Samasource Impact Sourcing, Inc.
- Founded: 2008; 18 years ago
- Founder: Leila Janah
- Type: Private
- Location: San Francisco, California, U.S.;
- Key people: Wendy Gonzalez (CEO)
- Website: sama.com
- Formerly called: Sama, Samasource (2008–2021)

= Sama (company) =

American company

Samasource Impact Sourcing, Inc., also known as Sama, is a training-data company, focusing on annotating data for artificial intelligence algorithms. It is based in San Francisco, California, with worldwide operations, especially in Africa.

The company has received attention for poor working conditions and privacy violations.

==History==
Entrepreneur Leila Janah founded Samasource in 2008. Janah coined the term "microwork", presented as a way to help impoverished workers across the globe by using the Internet for crowdsourcing.
==Business model==
Sama uses a secured cloud annotation platform to manage the annotation lifecycle. This includes image upload, annotation, data sampling and QA, data delivery, and overall collaboration. The company offers image, video, and sensor data annotation and validation for machine learning algorithms in industries including automotive, navigation, augmented reality, virtual reality, biotechnology, agriculture, manufacturing, and e-commerce.

Sama's platform breaks down complex data projects from large companies into small tasks that can be completed by women and youth in developing countries with basic English skills after a few weeks of training.

First founded as a non-profit in 2008, Sama adopted a hybrid business model in 2019, becoming a for-profit business with the previous non-profit organization becoming a shareholder.

== Controversy ==
===Content moderation and poor worker treatment===
It was revealed by a Time investigation that in order to build a safety system against toxic content (e.g. sexual abuse, violence, racism, sexism) in e.g. ChatGPT, OpenAI used Sama's services to outsource labeling toxic content to Kenyan workers earning less than $2 per hour. These labels were used to train a model to detect such content in the future. The outsourced laborers were exposed to toxic and dangerous content, and one described the experience as "torture". Following the Time investigation, Fairwork conducted a study of Sama. Benchmarking them against Fairwork principles, the company scored a 5/10.

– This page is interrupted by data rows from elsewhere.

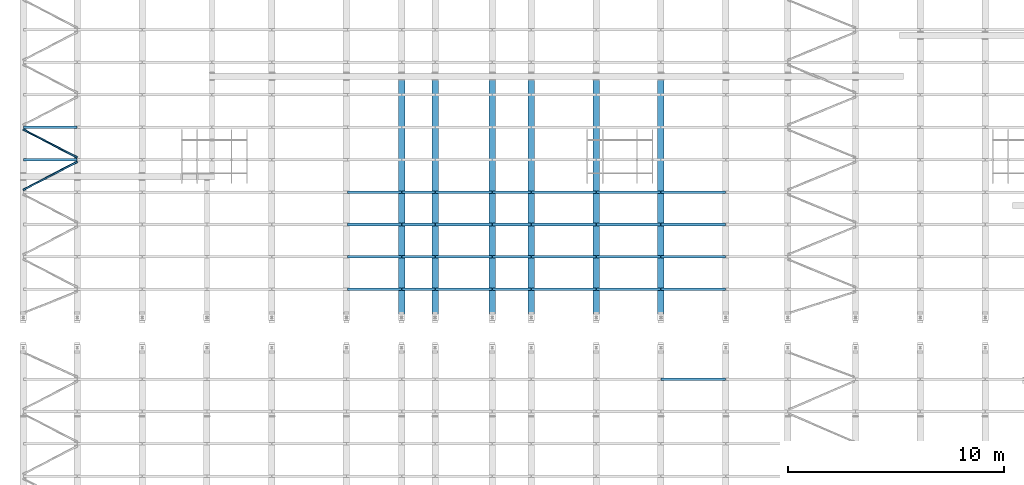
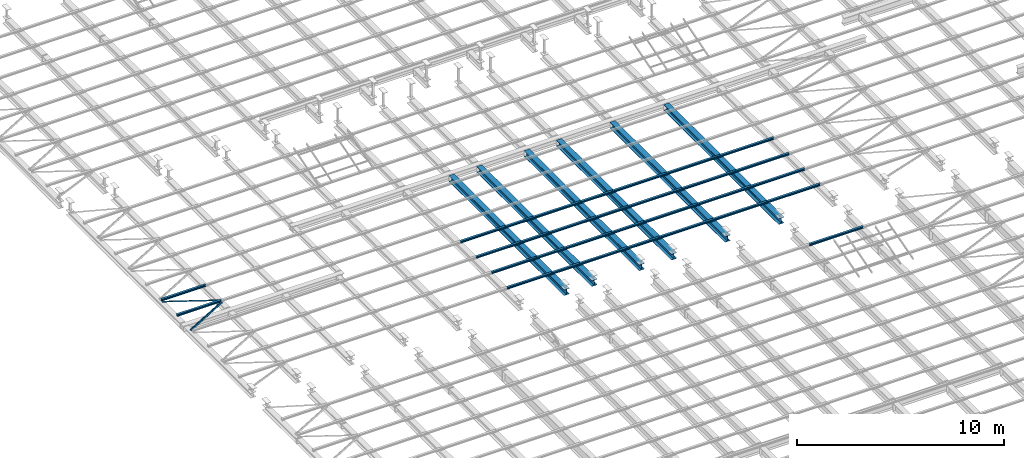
# One storey, part 53 of 139: 39 beams.
"""IFC2X3 building model written with IfcOpenShell, lengths in metres."""

from ifc_helpers import new_model, entity, si_unit, converted_unit, derived_unit, frame, origin, place, context, subcontext, project, spatial, polyline, outline, extrude, material, element, save


model = new_model("IFC2X3")

# Units and contexts
model_context = context("Model", 3, precision=1e-05, world=origin())
body_context = subcontext(model_context, "Body", "Model", "MODEL_VIEW")
ifc_project = project(units=[si_unit("LENGTHUNIT", "METRE"), si_unit("AREAUNIT", "SQUARE_METRE"), si_unit("VOLUMEUNIT", "CUBIC_METRE"), si_unit("MASSUNIT", "GRAM", prefix="KILO"), converted_unit("PLANEANGLEUNIT", "DEGREE", entity("IfcPlaneAngleMeasure", 0.0174532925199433), si_unit("PLANEANGLEUNIT", "RADIAN"), dimensions=[0, 0, 0, 0, 0, 0, 0]), derived_unit("THERMALTRANSMITTANCEUNIT", [(si_unit("POWERUNIT", "WATT"), 1), (si_unit("THERMODYNAMICTEMPERATUREUNIT", "KELVIN"), -1), (si_unit("LENGTHUNIT", "METRE"), -2)]), derived_unit("VOLUMETRICFLOWRATEUNIT", [(si_unit("LENGTHUNIT", "METRE"), 3), (converted_unit("TIMEUNIT", "hour", entity("IfcTimeMeasure", 3600.0), si_unit("TIMEUNIT", "SECOND"), dimensions=[0, 0, 1, 0, 0, 0, 0]), -1), (si_unit("LENGTHUNIT", "METRE"), -1)])], contexts=[model_context])

# Site, building, storey
site_placement = place(None, origin())
site = spatial("IfcSite", under=ifc_project, at=site_placement, Name="TWP_Speiseverteilzentrum SBW VZ II", CompositionType="ELEMENT")
building_placement = place(site_placement, origin())
building = spatial("IfcBuilding", under=site, at=building_placement, Name="Speiseverteilzentrum SBW VZ II", CompositionType="ELEMENT")
storey_placement = place(building_placement, frame((0.0, 0.0, 7.1307)))
storey = spatial("IfcBuildingStorey", under=building, at=storey_placement, Name="Wartung_FFB", CompositionType="ELEMENT", Elevation=7.1307)

# Beams
ifc_material_1 = material(Name="S235")
beam_1_placement = place(storey_placement, frame((32.2500000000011, 63.2824932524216, -0.365), z_axis=(0.0, 0.0, 1.0), x_axis=(-1.0, 0.0, 0.0)))
element("IfcBeam", 1, at=beam_1_placement, inside=storey, material=ifc_material_1, Name="Stahlträger", context=body_context, shape_type="SweptSolid", body=[
    extrude(outline(polyline([(-0.15, 0.175), (-0.15, 0.1575), (-0.00500000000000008, 0.1575), (-0.0050000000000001, -0.1575), (-0.15, -0.1575), (-0.15, -0.175), (0.15, -0.175), (0.15, -0.1575), (0.0049999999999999, -0.1575), (0.00499999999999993, 0.1575), (0.15, 0.1575), (0.15, 0.175), (-0.15, 0.175)])), frame((0.0, 0.0, 0.0), z_axis=(0.0, 1.0, 0.0), x_axis=(-1.0, 0.0, 0.0)), (0.0, 0.0, 1.0), 11.1324932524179),
])
ifc_material_2 = material(Name="S235")
beam_2_placement = place(storey_placement, frame((34.0500000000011, 63.2824932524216, -0.365), z_axis=(0.0, 0.0, 1.0), x_axis=(-1.0, 0.0, 0.0)))
element("IfcBeam", 2, at=beam_2_placement, inside=storey, material=ifc_material_2, Name="Stahlträger", context=body_context, shape_type="SweptSolid", body=[
    extrude(outline(polyline([(-0.15, 0.175), (-0.15, 0.1575), (-0.00500000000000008, 0.1575), (-0.0050000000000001, -0.1575), (-0.15, -0.1575), (-0.15, -0.175), (0.15, -0.175), (0.15, -0.1575), (0.0049999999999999, -0.1575), (0.00499999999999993, 0.1575), (0.15, 0.1575), (0.15, 0.175), (-0.15, 0.175)])), frame((0.0, 0.0, 0.0), z_axis=(0.0, 1.0, 0.0), x_axis=(-1.0, 0.0, 0.0)), (0.0, 0.0, 1.0), 11.1324932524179),
])
ifc_material_3 = material(Name="S235")
beam_3_placement = place(storey_placement, frame((37.0500000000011, 63.2824932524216, -0.365), z_axis=(0.0, 0.0, 1.0), x_axis=(-1.0, 0.0, 0.0)))
element("IfcBeam", 3, at=beam_3_placement, inside=storey, material=ifc_material_3, Name="Stahlträger", context=body_context, shape_type="SweptSolid", body=[
    extrude(outline(polyline([(-0.15, 0.175), (-0.15, 0.1575), (-0.00500000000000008, 0.1575), (-0.0050000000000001, -0.1575), (-0.15, -0.1575), (-0.15, -0.175), (0.15, -0.175), (0.15, -0.1575), (0.0049999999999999, -0.1575), (0.00499999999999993, 0.1575), (0.15, 0.1575), (0.15, 0.175), (-0.15, 0.175)])), frame((0.0, 0.0, 0.0), z_axis=(0.0, 1.0, 0.0), x_axis=(-1.0, 0.0, 0.0)), (0.0, 0.0, 1.0), 11.1324932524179),
])
ifc_material_4 = material(Name="S235")
beam_4_placement = place(storey_placement, frame((40.0500000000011, 63.2824932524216, -0.365), z_axis=(0.0, 0.0, 1.0), x_axis=(-1.0, 0.0, 0.0)))
element("IfcBeam", 4, at=beam_4_placement, inside=storey, material=ifc_material_4, Name="Stahlträger", context=body_context, shape_type="SweptSolid", body=[
    extrude(outline(polyline([(-0.15, 0.175), (-0.15, 0.1575), (-0.00500000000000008, 0.1575), (-0.0050000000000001, -0.1575), (-0.15, -0.1575), (-0.15, -0.175), (0.15, -0.175), (0.15, -0.1575), (0.0049999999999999, -0.1575), (0.00499999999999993, 0.1575), (0.15, 0.1575), (0.15, 0.175), (-0.15, 0.175)])), frame((0.0, 0.0, 0.0), z_axis=(0.0, 1.0, 0.0), x_axis=(-1.0, 0.0, 0.0)), (0.0, 0.0, 1.0), 11.1324932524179),
])
ifc_material_5 = material(Name="S235")
beam_5_placement = place(storey_placement, frame((28.0500000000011, 63.2824932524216, -0.365), z_axis=(0.0, 0.0, 1.0), x_axis=(-1.0, 0.0, 0.0)))
element("IfcBeam", 5, at=beam_5_placement, inside=storey, material=ifc_material_5, Name="Stahlträger", context=body_context, shape_type="SweptSolid", body=[
    extrude(outline(polyline([(-0.15, 0.175), (-0.15, 0.1575), (-0.00500000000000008, 0.1575), (-0.0050000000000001, -0.1575), (-0.15, -0.1575), (-0.15, -0.175), (0.15, -0.175), (0.15, -0.1575), (0.0049999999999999, -0.1575), (0.00499999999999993, 0.1575), (0.15, 0.1575), (0.15, 0.175), (-0.15, 0.175)])), frame((0.0, 0.0, 0.0), z_axis=(0.0, 1.0, 0.0), x_axis=(-1.0, 0.0, 0.0)), (0.0, 0.0, 1.0), 11.1324932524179),
])
ifc_material_6 = material(Name="S235")
beam_6_placement = place(storey_placement, frame((29.6000000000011, 63.2824932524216, -0.365), z_axis=(0.0, 0.0, 1.0), x_axis=(-1.0, 0.0, 0.0)))
element("IfcBeam", 6, at=beam_6_placement, inside=storey, material=ifc_material_6, Name="Stahlträger", context=body_context, shape_type="SweptSolid", body=[
    extrude(outline(polyline([(-0.15, 0.175), (-0.15, 0.1575), (-0.00500000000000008, 0.1575), (-0.0050000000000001, -0.1575), (-0.15, -0.1575), (-0.15, -0.175), (0.15, -0.175), (0.15, -0.1575), (0.0049999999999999, -0.1575), (0.00499999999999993, 0.1575), (0.15, 0.1575), (0.15, 0.175), (-0.15, 0.175)])), frame((0.0, 0.0, 0.0), z_axis=(0.0, 1.0, 0.0), x_axis=(-1.0, 0.0, 0.0)), (0.0, 0.0, 1.0), 11.1324932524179),
])
ifc_material_7 = material(Name="S235")
beam_7_placement = place(storey_placement, frame((10.5600000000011, 61.1011263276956, -0.133), z_axis=(0.0, 0.0, 1.0), x_axis=(0.0, -1.0, 0.0)))
element("IfcBeam", 7, at=beam_7_placement, inside=storey, material=ifc_material_7, Name="Nebenträger", context=body_context, shape_type="SweptSolid", body=[
    extrude(outline(polyline([(-0.06, 0.0570000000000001), (-0.06, 0.0490000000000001), (-0.00249999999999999, 0.0490000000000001), (-0.0025, -0.0489999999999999), (-0.06, -0.0489999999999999), (-0.06, -0.0569999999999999), (0.06, -0.0569999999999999), (0.06, -0.0489999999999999), (0.0025, -0.0489999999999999), (0.00250000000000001, 0.0490000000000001), (0.06, 0.0490000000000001), (0.06, 0.0570000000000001), (-0.06, 0.0570000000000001)])), frame((0.0, 0.0, 0.0), z_axis=(0.0, 1.0, 0.0), x_axis=(-1.0, 0.0, 0.0)), (0.0, 0.0, 1.0), 2.48000000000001),
])
ifc_material_8 = material(Name="S235")
beam_8_placement = place(storey_placement, frame((10.5600000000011, 59.6011263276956, -0.133), z_axis=(0.0, 0.0, 1.0), x_axis=(0.0, -1.0, 0.0)))
element("IfcBeam", 8, at=beam_8_placement, inside=storey, material=ifc_material_8, Name="Nebenträger", context=body_context, shape_type="SweptSolid", body=[
    extrude(outline(polyline([(-0.06, 0.0570000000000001), (-0.06, 0.0490000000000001), (-0.00249999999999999, 0.0490000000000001), (-0.0025, -0.0489999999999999), (-0.06, -0.0489999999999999), (-0.06, -0.0569999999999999), (0.06, -0.0569999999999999), (0.06, -0.0489999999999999), (0.0025, -0.0489999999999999), (0.00250000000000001, 0.0490000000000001), (0.06, 0.0490000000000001), (0.06, 0.0570000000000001), (-0.06, 0.0570000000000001)])), frame((0.0, 0.0, 0.0), z_axis=(0.0, 1.0, 0.0), x_axis=(-1.0, 0.0, 0.0)), (0.0, 0.0, 1.0), 2.48000000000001),
])
ifc_material_9 = material(Name="S235")
beam_9_placement = place(storey_placement, frame((34.0600000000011, 58.1011263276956, -0.133), z_axis=(0.0, 0.0, 1.0), x_axis=(0.0, -1.0, 0.0)))
element("IfcBeam", 9, at=beam_9_placement, inside=storey, material=ifc_material_9, Name="Nebenträger", context=body_context, shape_type="SweptSolid", body=[
    extrude(outline(polyline([(-0.06, 0.0570000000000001), (-0.06, 0.0490000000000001), (-0.00249999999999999, 0.0490000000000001), (-0.0025, -0.0489999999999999), (-0.06, -0.0489999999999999), (-0.06, -0.0569999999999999), (0.06, -0.0569999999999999), (0.06, -0.0489999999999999), (0.0025, -0.0489999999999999), (0.00250000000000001, 0.0490000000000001), (0.06, 0.0490000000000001), (0.06, 0.0570000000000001), (-0.06, 0.0570000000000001)])), frame((0.0, 0.0, 0.0), z_axis=(0.0, 1.0, 0.0), x_axis=(-1.0, 0.0, 0.0)), (0.0, 0.0, 1.0), 2.98),
])
ifc_material_10 = material(Name="S235")
beam_10_placement = place(storey_placement, frame((37.0600000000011, 58.1011263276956, -0.133), z_axis=(0.0, 0.0, 1.0), x_axis=(0.0, -1.0, 0.0)))
element("IfcBeam", 10, at=beam_10_placement, inside=storey, material=ifc_material_10, Name="Nebenträger", context=body_context, shape_type="SweptSolid", body=[
    extrude(outline(polyline([(-0.06, 0.0570000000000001), (-0.06, 0.0490000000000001), (-0.00249999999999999, 0.0490000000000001), (-0.0025, -0.0489999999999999), (-0.06, -0.0489999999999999), (-0.06, -0.0569999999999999), (0.06, -0.0569999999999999), (0.06, -0.0489999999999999), (0.0025, -0.0489999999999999), (0.00250000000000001, 0.0490000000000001), (0.06, 0.0490000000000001), (0.06, 0.0570000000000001), (-0.06, 0.0570000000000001)])), frame((0.0, 0.0, 0.0), z_axis=(0.0, 1.0, 0.0), x_axis=(-1.0, 0.0, 0.0)), (0.0, 0.0, 1.0), 2.98),
])
ifc_material_11 = material(Name="S235")
beam_11_placement = place(storey_placement, frame((40.0600000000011, 58.1011263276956, -0.133), z_axis=(0.0, 0.0, 1.0), x_axis=(0.0, -1.0, 0.0)))
element("IfcBeam", 11, at=beam_11_placement, inside=storey, material=ifc_material_11, Name="Nebenträger", context=body_context, shape_type="SweptSolid", body=[
    extrude(outline(polyline([(-0.06, 0.0570000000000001), (-0.06, 0.0490000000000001), (-0.00249999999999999, 0.0490000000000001), (-0.0025, -0.0489999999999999), (-0.06, -0.0489999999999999), (-0.06, -0.0569999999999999), (0.06, -0.0569999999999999), (0.06, -0.0489999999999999), (0.0025, -0.0489999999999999), (0.00250000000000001, 0.0490000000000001), (0.06, 0.0490000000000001), (0.06, 0.0570000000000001), (-0.06, 0.0570000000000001)])), frame((0.0, 0.0, 0.0), z_axis=(0.0, 1.0, 0.0), x_axis=(-1.0, 0.0, 0.0)), (0.0, 0.0, 1.0), 2.98),
])
ifc_material_12 = material(Name="S235")
beam_12_placement = place(storey_placement, frame((34.0600000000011, 56.6011263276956, -0.133), z_axis=(0.0, 0.0, 1.0), x_axis=(0.0, -1.0, 0.0)))
element("IfcBeam", 12, at=beam_12_placement, inside=storey, material=ifc_material_12, Name="Nebenträger", context=body_context, shape_type="SweptSolid", body=[
    extrude(outline(polyline([(-0.06, 0.0570000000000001), (-0.06, 0.0490000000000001), (-0.00249999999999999, 0.0490000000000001), (-0.0025, -0.0489999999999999), (-0.06, -0.0489999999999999), (-0.06, -0.0569999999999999), (0.06, -0.0569999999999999), (0.06, -0.0489999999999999), (0.0025, -0.0489999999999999), (0.00250000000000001, 0.0490000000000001), (0.06, 0.0490000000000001), (0.06, 0.0570000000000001), (-0.06, 0.0570000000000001)])), frame((0.0, 0.0, 0.0), z_axis=(0.0, 1.0, 0.0), x_axis=(-1.0, 0.0, 0.0)), (0.0, 0.0, 1.0), 2.98),
])
ifc_material_13 = material(Name="S235")
beam_13_placement = place(storey_placement, frame((37.0600000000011, 56.6011263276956, -0.133), z_axis=(0.0, 0.0, 1.0), x_axis=(0.0, -1.0, 0.0)))
element("IfcBeam", 13, at=beam_13_placement, inside=storey, material=ifc_material_13, Name="Nebenträger", context=body_context, shape_type="SweptSolid", body=[
    extrude(outline(polyline([(-0.06, 0.0570000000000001), (-0.06, 0.0490000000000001), (-0.00249999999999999, 0.0490000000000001), (-0.0025, -0.0489999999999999), (-0.06, -0.0489999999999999), (-0.06, -0.0569999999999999), (0.06, -0.0569999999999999), (0.06, -0.0489999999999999), (0.0025, -0.0489999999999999), (0.00250000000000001, 0.0490000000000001), (0.06, 0.0490000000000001), (0.06, 0.0570000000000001), (-0.06, 0.0570000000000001)])), frame((0.0, 0.0, 0.0), z_axis=(0.0, 1.0, 0.0), x_axis=(-1.0, 0.0, 0.0)), (0.0, 0.0, 1.0), 2.98),
])
ifc_material_14 = material(Name="S235")
beam_14_placement = place(storey_placement, frame((40.0600000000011, 56.6011263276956, -0.133), z_axis=(0.0, 0.0, 1.0), x_axis=(0.0, -1.0, 0.0)))
element("IfcBeam", 14, at=beam_14_placement, inside=storey, material=ifc_material_14, Name="Nebenträger", context=body_context, shape_type="SweptSolid", body=[
    extrude(outline(polyline([(-0.06, 0.0570000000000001), (-0.06, 0.0490000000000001), (-0.00249999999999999, 0.0490000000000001), (-0.0025, -0.0489999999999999), (-0.06, -0.0489999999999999), (-0.06, -0.0569999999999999), (0.06, -0.0569999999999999), (0.06, -0.0489999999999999), (0.0025, -0.0489999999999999), (0.00250000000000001, 0.0490000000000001), (0.06, 0.0490000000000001), (0.06, 0.0570000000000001), (-0.06, 0.0570000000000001)])), frame((0.0, 0.0, 0.0), z_axis=(0.0, 1.0, 0.0), x_axis=(-1.0, 0.0, 0.0)), (0.0, 0.0, 1.0), 2.98),
])
ifc_material_15 = material(Name="S235")
beam_15_placement = place(storey_placement, frame((34.0600000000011, 55.1011263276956, -0.133), z_axis=(0.0, 0.0, 1.0), x_axis=(0.0, -1.0, 0.0)))
element("IfcBeam", 15, at=beam_15_placement, inside=storey, material=ifc_material_15, Name="Nebenträger", context=body_context, shape_type="SweptSolid", body=[
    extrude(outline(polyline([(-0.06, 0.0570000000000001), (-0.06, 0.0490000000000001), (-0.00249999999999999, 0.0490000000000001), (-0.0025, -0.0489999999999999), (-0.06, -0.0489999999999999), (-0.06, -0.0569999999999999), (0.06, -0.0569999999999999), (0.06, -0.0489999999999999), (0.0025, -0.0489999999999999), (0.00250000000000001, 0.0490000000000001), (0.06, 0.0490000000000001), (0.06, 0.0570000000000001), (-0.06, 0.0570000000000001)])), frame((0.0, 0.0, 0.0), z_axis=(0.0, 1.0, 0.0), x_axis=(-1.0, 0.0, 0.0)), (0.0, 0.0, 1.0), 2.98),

In 2023, Sama employees were involved in the formation of the African Content Moderators Union alongside employees from other African-based outsourcing companies.

===Labor lawsuits===
In March 2022, the law firm Nzili and Sumbi Advocates published a letter on behalf of former Sama employee Daniel Motaung, threatening legal action against Sama if the company did not address twelve demands. Demands included that the company adhere to Kenyan labor, privacy, and health laws; that they provide adequate healthcare and insurance for their employees; and that they improve compensation. In 2019, Motaung was fired for organizing a strike and trying to unionize Sama employees over poor working conditions and pay. The threatened lawsuit followed a Time report detailing how Sama recruited content moderators under the false pretense that they would take jobs at call centers. According to the report, the moderators, who were recruited from all parts of the continent, only learned about the nature of their work after signing employment contracts and moving to the center in Nairobi. The moderators sift through social media posts on all platforms, including Facebook, to remove those that spread hate, misinformation and violence. On March 29, 2022, the law firm gave Meta and Sama 21 days to respond to the claims or face legal action.

In a post published after the revelation, Sama denied any wrongdoing and said the company is transparent in its hiring practices and maintains a culture that "prioritizes the health and well-being of employees".

In May 2022, Motaung officially filed a lawsuit against both Sama and Meta over these alleged unsafe and unfair working conditions. Motaung accused the subcontractor of various constitutional violations, including "widespread trauma, pay as low as $1.50 per hour, and alleged union busting."

In 2023 Samasource faced lawsuits after former content moderators alleged exploitative conditions, including inadequate psychological support, low pay ($1.46-$3.74/hour), and severe mental health impacts from exposure to disturbing material.

=== Meta AI glasses ===
In 2026, after it was disclosed Sama employees were viewing private content filmed on Facebook's Ray-Ban Meta AI glasses, including video from using the bathroom and having sex. Facebook terminated the contract, then Sama laid off over 1000 employees in Kenya. Meta stated "Photos and videos are private to users. Humans review AI content to improve product performance, for which we get clear user consent. We’ve also decided to end our work with Sama because they don’t meet our standards."
=== End of operation in Kenya and Uganda===
Sama officially ended its operations in Kenya and Uganda on 15 September 2026, bringing to an end approximately a decade of operations in the region, including its presence in Nairobi and Kampala.